### WHAT IS BEING ASKED
In the material below, which lines hold the word "blocks"? Pick each one out.

________________________

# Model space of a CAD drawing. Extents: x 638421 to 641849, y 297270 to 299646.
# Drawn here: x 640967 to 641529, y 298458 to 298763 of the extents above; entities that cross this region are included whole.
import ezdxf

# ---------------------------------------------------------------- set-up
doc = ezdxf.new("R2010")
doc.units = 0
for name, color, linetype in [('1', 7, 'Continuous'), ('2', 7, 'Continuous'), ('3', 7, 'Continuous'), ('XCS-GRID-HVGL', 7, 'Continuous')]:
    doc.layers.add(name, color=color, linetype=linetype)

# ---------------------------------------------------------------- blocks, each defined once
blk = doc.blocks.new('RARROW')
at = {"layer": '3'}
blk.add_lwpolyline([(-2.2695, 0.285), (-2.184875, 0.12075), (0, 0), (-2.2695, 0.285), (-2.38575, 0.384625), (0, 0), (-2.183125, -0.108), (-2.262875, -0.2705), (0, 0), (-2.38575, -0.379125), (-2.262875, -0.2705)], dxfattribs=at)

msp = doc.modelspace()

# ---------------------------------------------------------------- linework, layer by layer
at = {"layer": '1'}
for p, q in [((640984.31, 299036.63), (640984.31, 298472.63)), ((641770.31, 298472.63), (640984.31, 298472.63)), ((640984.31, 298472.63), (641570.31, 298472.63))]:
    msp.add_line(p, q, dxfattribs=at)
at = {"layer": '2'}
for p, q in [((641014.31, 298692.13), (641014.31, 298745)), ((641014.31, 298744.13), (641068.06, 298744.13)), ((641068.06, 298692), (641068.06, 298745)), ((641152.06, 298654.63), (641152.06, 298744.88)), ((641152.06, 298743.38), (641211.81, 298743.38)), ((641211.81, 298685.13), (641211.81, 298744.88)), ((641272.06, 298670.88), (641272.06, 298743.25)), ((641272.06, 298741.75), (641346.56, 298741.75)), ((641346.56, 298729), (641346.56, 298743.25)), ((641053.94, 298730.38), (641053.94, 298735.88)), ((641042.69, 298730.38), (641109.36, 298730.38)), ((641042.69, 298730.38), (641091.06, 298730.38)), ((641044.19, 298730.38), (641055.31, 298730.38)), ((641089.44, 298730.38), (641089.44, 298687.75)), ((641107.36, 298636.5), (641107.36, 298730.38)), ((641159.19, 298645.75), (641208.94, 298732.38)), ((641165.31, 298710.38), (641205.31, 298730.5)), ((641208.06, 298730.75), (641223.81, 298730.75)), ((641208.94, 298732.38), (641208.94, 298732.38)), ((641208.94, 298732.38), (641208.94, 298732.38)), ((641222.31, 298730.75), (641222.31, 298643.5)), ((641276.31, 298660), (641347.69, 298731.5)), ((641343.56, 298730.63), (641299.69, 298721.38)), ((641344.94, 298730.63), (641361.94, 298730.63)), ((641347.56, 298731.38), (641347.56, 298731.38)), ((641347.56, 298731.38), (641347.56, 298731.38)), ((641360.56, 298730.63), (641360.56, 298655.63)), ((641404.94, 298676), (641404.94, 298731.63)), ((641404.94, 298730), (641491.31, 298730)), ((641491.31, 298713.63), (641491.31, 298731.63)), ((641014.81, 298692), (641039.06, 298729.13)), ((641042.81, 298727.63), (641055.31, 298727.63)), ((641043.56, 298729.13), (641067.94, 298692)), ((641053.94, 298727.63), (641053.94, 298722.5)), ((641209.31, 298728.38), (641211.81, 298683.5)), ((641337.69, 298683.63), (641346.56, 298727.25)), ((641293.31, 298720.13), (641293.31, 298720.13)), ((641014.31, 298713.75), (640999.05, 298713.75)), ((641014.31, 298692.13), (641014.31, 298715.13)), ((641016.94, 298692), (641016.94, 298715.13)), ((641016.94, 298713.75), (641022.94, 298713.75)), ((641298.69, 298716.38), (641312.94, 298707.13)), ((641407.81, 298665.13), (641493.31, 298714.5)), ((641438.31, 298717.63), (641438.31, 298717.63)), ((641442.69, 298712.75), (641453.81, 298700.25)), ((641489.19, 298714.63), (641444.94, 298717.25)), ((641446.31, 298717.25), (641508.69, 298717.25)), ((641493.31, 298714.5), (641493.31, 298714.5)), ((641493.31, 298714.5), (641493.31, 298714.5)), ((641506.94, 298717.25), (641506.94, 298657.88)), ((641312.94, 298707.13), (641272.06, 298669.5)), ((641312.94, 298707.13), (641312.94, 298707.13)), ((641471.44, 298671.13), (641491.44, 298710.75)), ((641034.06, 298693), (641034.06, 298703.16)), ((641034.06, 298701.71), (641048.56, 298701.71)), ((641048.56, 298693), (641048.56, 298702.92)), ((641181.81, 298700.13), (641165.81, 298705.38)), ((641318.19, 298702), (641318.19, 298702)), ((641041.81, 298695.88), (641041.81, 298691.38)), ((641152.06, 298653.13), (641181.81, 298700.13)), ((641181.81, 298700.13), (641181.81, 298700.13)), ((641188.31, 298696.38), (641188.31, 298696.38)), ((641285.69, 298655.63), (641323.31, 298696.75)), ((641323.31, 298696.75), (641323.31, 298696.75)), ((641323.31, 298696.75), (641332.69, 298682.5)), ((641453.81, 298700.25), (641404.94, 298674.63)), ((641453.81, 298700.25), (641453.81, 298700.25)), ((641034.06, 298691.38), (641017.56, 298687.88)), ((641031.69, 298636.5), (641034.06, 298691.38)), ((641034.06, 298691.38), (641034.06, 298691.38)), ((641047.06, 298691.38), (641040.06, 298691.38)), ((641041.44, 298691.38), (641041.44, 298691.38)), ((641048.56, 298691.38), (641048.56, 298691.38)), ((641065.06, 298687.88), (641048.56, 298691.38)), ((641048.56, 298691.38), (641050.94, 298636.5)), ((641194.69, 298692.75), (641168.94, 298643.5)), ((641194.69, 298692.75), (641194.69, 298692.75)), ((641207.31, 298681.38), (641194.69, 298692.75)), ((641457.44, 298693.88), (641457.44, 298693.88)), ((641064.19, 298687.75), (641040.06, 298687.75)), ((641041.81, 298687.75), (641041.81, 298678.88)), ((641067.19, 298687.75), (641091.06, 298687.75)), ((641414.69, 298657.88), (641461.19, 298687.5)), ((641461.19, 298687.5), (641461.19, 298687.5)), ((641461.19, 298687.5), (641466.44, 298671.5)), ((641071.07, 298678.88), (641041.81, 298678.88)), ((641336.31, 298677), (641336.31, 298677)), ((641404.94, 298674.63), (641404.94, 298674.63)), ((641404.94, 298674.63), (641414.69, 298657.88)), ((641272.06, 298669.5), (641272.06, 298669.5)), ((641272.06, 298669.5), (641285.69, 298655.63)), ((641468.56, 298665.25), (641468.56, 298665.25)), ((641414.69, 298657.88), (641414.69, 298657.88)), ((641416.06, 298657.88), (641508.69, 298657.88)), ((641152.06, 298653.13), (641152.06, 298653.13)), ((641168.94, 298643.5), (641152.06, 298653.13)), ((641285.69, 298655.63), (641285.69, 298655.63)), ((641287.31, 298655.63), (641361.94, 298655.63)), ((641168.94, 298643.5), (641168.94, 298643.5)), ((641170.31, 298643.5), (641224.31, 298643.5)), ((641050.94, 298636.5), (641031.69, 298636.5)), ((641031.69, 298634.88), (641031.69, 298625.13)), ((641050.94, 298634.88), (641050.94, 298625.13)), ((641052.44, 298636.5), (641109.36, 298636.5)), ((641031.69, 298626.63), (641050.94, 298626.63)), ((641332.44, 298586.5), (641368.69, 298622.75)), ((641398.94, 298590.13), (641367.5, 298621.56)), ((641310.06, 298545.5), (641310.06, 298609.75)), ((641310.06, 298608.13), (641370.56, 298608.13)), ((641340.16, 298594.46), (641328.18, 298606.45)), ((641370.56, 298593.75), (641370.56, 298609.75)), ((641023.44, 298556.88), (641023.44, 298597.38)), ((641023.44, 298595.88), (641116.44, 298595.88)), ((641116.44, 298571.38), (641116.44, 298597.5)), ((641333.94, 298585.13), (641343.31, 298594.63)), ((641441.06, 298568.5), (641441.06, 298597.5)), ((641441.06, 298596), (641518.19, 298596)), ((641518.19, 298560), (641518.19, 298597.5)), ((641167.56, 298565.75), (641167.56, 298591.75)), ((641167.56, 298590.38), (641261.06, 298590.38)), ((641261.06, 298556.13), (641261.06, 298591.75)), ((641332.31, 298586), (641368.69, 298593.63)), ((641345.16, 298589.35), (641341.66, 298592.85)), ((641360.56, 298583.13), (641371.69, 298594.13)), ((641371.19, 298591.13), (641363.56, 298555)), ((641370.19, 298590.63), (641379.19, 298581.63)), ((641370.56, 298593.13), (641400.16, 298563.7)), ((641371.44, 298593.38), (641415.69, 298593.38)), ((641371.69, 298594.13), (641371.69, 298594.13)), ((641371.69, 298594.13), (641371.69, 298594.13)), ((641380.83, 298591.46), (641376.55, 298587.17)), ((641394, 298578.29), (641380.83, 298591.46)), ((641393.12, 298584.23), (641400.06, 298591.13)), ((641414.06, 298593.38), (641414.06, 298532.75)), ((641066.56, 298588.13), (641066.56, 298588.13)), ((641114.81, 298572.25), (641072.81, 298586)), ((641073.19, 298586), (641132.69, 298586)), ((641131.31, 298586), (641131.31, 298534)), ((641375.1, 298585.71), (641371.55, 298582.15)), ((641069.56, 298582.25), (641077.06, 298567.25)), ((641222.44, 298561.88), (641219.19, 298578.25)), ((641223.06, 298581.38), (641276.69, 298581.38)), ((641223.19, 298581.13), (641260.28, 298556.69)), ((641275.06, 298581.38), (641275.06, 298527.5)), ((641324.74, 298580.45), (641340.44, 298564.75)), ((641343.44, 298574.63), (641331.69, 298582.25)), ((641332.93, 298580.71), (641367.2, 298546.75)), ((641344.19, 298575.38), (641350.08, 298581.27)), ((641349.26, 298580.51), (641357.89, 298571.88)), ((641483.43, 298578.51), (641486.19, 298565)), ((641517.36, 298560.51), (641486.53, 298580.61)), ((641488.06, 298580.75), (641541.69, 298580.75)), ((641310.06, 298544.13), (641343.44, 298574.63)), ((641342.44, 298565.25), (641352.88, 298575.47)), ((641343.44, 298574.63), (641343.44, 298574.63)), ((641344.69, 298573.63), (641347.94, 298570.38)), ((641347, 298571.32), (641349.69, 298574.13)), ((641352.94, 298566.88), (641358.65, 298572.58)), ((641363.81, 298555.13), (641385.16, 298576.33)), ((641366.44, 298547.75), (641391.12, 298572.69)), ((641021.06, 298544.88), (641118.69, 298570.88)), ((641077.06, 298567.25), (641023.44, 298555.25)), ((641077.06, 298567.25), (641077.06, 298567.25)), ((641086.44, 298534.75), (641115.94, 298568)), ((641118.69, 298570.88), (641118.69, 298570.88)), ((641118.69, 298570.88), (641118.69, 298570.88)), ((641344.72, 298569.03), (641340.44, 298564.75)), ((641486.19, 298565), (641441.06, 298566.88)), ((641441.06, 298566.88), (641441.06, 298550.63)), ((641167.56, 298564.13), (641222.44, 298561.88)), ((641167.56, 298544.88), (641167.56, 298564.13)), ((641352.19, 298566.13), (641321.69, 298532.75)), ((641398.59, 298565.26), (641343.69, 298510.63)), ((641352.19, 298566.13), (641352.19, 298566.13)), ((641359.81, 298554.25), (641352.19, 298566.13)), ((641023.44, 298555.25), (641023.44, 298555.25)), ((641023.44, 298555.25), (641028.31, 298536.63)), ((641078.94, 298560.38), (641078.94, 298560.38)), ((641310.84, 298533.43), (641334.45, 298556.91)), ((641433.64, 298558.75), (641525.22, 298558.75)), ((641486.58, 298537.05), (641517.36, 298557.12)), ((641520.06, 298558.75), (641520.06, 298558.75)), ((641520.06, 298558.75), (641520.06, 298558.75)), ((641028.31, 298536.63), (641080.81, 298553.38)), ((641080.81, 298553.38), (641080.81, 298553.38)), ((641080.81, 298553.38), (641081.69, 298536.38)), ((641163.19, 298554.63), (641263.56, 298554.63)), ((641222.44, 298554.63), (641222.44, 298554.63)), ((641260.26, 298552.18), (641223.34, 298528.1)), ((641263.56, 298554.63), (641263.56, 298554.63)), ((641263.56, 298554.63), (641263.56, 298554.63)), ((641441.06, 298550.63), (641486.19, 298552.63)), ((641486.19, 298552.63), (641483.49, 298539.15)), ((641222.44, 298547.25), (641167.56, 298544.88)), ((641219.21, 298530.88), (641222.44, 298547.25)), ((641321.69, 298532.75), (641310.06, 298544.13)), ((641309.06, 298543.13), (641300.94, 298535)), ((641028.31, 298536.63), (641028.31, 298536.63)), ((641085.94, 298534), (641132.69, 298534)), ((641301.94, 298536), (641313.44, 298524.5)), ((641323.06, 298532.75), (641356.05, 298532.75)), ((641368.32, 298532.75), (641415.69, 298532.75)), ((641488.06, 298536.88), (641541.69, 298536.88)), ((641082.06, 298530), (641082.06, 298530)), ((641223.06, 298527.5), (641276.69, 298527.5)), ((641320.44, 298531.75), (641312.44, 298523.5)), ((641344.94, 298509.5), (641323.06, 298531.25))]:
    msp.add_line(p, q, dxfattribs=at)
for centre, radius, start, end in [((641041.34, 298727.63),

________________________

### TASK OUTPUT
# ---------------------------------------------------------------- blocks, each defined once
blk = doc.blocks.new('RARROW')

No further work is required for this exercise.